*Goal of the exercise*:
One number should be the full reply: how many lines of the material below contain "length".

......

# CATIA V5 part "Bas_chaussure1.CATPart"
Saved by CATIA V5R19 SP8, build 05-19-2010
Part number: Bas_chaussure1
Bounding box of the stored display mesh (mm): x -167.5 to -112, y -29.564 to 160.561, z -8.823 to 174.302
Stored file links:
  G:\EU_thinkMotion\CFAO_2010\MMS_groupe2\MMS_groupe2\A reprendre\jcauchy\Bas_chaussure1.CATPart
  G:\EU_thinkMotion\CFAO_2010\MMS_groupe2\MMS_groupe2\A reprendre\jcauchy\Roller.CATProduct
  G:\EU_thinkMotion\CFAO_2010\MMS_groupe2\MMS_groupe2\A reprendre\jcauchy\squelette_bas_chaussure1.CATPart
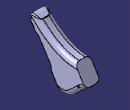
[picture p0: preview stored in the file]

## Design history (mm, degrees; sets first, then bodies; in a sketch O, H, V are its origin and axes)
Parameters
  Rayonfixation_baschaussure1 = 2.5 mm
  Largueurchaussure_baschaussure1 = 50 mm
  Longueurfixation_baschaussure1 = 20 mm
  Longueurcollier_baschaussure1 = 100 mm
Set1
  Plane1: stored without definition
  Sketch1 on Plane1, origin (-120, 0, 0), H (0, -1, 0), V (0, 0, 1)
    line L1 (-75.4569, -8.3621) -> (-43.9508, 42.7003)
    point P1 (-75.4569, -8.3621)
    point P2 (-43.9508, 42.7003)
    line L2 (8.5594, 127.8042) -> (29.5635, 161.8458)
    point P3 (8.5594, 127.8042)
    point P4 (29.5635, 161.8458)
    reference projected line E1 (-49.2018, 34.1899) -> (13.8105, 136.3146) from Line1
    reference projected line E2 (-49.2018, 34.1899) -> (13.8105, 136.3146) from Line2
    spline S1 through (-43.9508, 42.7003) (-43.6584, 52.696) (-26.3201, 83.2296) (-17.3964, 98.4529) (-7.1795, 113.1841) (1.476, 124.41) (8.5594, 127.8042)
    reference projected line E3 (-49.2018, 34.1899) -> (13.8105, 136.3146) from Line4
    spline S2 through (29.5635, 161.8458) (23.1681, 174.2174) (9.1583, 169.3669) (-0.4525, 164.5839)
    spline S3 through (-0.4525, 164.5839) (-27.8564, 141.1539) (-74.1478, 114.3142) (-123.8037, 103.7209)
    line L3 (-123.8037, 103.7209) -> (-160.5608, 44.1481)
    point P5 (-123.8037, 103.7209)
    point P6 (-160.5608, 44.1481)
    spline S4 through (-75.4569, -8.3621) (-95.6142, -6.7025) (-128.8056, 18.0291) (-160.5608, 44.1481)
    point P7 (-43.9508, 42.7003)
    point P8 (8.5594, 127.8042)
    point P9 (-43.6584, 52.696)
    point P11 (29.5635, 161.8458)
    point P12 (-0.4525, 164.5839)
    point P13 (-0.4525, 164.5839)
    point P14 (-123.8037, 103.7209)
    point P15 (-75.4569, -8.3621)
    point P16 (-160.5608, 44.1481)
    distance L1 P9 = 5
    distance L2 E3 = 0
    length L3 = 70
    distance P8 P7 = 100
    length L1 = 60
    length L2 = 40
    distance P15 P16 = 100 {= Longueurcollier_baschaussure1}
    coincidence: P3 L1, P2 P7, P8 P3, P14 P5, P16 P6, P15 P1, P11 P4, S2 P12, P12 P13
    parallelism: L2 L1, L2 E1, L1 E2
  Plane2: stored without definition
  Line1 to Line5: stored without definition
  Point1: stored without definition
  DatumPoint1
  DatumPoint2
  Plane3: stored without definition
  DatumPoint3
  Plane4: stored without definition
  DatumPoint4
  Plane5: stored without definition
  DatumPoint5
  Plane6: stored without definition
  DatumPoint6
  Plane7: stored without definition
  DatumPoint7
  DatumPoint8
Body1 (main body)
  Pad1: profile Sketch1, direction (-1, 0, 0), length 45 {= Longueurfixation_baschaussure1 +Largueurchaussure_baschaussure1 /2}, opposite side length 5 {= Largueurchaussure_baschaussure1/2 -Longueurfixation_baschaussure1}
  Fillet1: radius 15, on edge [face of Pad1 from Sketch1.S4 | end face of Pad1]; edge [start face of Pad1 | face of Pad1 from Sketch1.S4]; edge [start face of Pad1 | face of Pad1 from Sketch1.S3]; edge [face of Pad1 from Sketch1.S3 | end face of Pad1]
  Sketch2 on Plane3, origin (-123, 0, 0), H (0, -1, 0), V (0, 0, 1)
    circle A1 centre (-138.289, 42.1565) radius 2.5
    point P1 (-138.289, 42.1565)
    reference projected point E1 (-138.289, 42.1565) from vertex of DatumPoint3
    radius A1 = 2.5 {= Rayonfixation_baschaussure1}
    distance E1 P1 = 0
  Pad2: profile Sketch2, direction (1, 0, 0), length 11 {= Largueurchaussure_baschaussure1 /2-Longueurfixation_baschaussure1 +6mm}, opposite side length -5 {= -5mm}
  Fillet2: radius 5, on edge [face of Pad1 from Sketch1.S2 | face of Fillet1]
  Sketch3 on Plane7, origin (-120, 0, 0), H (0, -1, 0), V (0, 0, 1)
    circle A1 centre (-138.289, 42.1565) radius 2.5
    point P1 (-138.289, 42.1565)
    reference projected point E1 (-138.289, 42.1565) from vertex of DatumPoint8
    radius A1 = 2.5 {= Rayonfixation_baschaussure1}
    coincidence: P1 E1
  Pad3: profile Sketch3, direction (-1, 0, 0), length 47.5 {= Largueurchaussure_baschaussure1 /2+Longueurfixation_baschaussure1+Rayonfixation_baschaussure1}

......

*Solution to this task*:
6